Of all the entries below, only the lines from the one with "FILE_DESCRIPTION(/* description */" up to and including the one with "Products named in the file (1): SRU／008／HD" are to be duplicated exactly.

[Stored dataset items]
%%
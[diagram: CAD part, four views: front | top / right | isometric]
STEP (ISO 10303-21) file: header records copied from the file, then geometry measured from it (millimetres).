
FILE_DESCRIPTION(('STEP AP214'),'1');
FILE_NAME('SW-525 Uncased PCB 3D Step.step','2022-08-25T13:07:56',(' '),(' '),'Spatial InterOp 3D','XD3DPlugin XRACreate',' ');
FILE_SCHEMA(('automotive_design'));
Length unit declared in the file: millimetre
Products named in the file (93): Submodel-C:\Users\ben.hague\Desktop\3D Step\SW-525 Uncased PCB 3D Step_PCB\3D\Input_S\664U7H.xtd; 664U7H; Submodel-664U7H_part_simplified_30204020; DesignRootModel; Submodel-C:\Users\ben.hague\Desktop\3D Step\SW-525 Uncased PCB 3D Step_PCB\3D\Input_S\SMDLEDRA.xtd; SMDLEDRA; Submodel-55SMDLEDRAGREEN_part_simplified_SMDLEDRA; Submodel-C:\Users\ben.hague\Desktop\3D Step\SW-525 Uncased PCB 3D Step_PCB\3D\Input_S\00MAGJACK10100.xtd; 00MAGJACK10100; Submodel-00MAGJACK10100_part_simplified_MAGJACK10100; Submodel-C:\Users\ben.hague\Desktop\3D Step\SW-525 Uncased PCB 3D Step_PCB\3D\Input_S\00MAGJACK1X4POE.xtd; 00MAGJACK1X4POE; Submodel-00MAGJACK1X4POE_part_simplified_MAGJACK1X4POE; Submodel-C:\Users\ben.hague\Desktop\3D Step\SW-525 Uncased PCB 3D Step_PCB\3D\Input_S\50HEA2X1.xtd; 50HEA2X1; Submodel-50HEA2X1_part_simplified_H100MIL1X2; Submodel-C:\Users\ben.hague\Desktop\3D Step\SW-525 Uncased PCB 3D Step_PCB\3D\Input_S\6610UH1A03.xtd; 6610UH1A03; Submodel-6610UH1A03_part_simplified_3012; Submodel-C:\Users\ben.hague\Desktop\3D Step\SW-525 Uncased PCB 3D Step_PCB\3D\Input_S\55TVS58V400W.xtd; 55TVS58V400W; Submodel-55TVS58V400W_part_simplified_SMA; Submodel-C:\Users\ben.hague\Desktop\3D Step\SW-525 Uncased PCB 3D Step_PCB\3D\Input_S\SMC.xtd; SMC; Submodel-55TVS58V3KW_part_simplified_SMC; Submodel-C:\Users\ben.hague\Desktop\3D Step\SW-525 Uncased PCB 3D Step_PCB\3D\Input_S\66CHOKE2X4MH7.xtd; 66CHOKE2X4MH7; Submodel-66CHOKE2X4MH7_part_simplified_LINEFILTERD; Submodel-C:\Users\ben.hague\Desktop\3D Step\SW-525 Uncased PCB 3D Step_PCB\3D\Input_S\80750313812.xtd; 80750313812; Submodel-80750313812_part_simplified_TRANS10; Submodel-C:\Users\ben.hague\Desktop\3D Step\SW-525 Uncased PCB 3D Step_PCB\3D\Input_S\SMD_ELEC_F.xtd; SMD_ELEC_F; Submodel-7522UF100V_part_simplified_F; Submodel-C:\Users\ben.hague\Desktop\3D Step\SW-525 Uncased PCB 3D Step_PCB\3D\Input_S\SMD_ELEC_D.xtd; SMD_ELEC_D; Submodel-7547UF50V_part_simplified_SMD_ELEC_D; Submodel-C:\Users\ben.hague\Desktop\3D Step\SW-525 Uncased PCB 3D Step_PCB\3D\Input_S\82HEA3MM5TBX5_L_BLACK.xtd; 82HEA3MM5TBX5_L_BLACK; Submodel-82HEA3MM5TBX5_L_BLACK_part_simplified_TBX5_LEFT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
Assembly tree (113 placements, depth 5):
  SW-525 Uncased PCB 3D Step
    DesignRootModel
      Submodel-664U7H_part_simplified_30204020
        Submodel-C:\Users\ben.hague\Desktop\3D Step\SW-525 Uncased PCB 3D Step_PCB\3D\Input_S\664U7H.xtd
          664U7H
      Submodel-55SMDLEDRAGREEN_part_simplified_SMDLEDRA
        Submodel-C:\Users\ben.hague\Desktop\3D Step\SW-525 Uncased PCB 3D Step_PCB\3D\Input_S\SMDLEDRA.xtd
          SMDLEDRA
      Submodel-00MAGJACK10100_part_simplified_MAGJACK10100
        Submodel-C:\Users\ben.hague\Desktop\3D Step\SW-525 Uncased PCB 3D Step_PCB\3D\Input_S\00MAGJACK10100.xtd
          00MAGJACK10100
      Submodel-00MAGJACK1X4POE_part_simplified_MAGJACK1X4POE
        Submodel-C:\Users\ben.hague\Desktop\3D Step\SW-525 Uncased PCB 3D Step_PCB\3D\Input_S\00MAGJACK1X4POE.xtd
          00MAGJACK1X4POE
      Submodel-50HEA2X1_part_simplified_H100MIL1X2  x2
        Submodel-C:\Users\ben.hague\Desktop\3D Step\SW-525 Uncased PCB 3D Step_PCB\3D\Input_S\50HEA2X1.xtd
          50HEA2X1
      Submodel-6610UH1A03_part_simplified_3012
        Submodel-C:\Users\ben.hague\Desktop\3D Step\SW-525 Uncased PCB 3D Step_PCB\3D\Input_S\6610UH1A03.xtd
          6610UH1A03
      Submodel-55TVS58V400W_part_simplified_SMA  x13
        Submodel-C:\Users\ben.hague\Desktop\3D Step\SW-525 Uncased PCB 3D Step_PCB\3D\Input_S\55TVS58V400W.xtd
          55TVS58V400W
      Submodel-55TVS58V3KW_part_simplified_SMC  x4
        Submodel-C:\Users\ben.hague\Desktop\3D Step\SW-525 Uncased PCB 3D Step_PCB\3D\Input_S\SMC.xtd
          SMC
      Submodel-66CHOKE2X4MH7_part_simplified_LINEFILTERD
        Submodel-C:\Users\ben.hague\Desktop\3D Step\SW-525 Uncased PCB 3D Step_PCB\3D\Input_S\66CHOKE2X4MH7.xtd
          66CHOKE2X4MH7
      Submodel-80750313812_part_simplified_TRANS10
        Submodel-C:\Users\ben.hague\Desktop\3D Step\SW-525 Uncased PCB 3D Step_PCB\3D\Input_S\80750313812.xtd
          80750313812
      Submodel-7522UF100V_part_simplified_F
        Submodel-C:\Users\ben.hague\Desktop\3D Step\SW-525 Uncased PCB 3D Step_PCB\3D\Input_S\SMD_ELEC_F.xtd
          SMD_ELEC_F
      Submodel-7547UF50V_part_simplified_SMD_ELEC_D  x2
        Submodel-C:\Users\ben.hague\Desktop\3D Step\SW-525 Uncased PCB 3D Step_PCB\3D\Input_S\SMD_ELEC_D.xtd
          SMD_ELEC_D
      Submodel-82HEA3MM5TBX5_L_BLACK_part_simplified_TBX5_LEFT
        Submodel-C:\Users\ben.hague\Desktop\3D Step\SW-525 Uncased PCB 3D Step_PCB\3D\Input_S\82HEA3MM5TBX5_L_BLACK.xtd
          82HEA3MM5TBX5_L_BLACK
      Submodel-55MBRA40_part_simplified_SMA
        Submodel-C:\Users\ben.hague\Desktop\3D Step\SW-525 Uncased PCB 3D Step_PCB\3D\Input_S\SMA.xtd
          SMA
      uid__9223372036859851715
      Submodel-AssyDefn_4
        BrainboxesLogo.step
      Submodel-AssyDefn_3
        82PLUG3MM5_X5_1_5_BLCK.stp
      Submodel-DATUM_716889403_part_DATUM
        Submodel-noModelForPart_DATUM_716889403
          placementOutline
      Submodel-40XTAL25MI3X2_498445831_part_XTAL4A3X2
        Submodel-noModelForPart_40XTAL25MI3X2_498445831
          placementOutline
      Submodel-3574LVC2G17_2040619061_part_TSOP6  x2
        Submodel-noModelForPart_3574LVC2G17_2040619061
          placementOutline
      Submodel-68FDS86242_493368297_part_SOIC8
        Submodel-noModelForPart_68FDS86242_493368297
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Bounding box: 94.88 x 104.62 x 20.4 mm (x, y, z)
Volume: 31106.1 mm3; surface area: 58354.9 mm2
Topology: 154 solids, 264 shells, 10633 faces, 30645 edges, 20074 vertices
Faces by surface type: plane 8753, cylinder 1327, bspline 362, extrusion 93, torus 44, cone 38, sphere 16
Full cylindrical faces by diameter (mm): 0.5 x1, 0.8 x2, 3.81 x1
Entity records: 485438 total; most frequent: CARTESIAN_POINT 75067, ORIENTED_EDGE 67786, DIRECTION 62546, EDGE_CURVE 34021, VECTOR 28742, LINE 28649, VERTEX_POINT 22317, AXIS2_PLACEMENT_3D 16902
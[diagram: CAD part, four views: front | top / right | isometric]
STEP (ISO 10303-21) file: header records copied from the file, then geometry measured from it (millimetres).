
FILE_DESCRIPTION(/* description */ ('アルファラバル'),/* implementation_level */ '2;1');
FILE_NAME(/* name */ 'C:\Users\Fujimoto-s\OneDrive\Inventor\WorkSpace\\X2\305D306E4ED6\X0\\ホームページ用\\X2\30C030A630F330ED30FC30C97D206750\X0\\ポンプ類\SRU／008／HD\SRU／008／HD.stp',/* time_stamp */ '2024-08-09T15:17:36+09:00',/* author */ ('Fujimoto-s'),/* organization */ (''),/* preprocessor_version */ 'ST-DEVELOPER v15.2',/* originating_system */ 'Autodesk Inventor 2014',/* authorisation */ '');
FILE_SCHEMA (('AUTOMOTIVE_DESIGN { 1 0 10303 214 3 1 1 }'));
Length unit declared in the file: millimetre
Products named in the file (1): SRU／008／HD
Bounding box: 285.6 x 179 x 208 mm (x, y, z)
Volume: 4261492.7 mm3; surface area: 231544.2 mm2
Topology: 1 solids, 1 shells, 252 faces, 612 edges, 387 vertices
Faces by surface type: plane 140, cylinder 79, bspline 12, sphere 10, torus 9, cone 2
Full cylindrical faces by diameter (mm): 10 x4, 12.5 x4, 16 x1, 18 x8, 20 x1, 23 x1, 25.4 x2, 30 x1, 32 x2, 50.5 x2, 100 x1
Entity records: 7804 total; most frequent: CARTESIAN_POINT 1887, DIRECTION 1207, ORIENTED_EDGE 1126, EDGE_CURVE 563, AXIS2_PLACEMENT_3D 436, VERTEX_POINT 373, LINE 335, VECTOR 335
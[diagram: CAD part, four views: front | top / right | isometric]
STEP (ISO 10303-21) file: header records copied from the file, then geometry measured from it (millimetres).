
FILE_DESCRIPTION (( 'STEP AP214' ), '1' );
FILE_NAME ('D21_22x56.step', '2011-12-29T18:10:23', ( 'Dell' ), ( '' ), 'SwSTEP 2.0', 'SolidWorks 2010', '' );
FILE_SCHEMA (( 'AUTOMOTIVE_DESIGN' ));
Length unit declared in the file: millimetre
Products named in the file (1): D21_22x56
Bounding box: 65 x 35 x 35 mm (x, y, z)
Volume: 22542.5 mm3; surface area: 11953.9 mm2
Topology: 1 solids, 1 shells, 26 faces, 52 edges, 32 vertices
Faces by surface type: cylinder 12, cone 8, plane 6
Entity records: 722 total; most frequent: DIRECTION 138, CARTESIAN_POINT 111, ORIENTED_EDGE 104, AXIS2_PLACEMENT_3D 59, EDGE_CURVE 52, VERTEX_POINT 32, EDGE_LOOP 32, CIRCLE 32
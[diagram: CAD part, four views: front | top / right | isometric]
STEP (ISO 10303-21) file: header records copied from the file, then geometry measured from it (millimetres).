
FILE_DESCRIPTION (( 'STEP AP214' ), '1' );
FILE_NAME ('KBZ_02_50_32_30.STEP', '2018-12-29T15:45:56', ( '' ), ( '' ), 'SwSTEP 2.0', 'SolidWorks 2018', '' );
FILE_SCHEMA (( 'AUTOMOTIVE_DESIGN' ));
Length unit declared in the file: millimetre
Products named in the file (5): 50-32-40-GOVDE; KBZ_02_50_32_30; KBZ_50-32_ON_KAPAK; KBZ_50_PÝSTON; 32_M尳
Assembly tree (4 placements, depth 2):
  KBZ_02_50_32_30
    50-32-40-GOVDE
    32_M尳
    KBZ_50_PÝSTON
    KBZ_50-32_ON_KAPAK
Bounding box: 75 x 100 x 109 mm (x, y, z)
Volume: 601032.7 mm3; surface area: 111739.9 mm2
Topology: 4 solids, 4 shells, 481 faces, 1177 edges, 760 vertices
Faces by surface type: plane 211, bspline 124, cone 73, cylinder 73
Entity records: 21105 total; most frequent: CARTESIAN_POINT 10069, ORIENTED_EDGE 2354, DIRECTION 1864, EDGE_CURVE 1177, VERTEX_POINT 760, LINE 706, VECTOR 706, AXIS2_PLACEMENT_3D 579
%%
**Exercise response**
FILE_DESCRIPTION(/* description */ ('アルファラバル'),/* implementation_level */ '2;1');
FILE_NAME(/* name */ 'C:\Users\Fujimoto-s\OneDrive\Inventor\WorkSpace\\X2\305D306E4ED6\X0\\ホームページ用\\X2\30C030A630F330ED30FC30C97D206750\X0\\ポンプ類\SRU／008／HD\SRU／008／HD.stp',/* time_stamp */ '2024-08-09T15:17:36+09:00',/* author */ ('Fujimoto-s'),/* organization */ (''),/* preprocessor_version */ 'ST-DEVELOPER v15.2',/* originating_system */ 'Autodesk Inventor 2014',/* authorisation */ '');
FILE_SCHEMA (('AUTOMOTIVE_DESIGN { 1 0 10303 214 3 1 1 }'));
Length unit declared in the file: millimetre
Products named in the file (1): SRU／008／HD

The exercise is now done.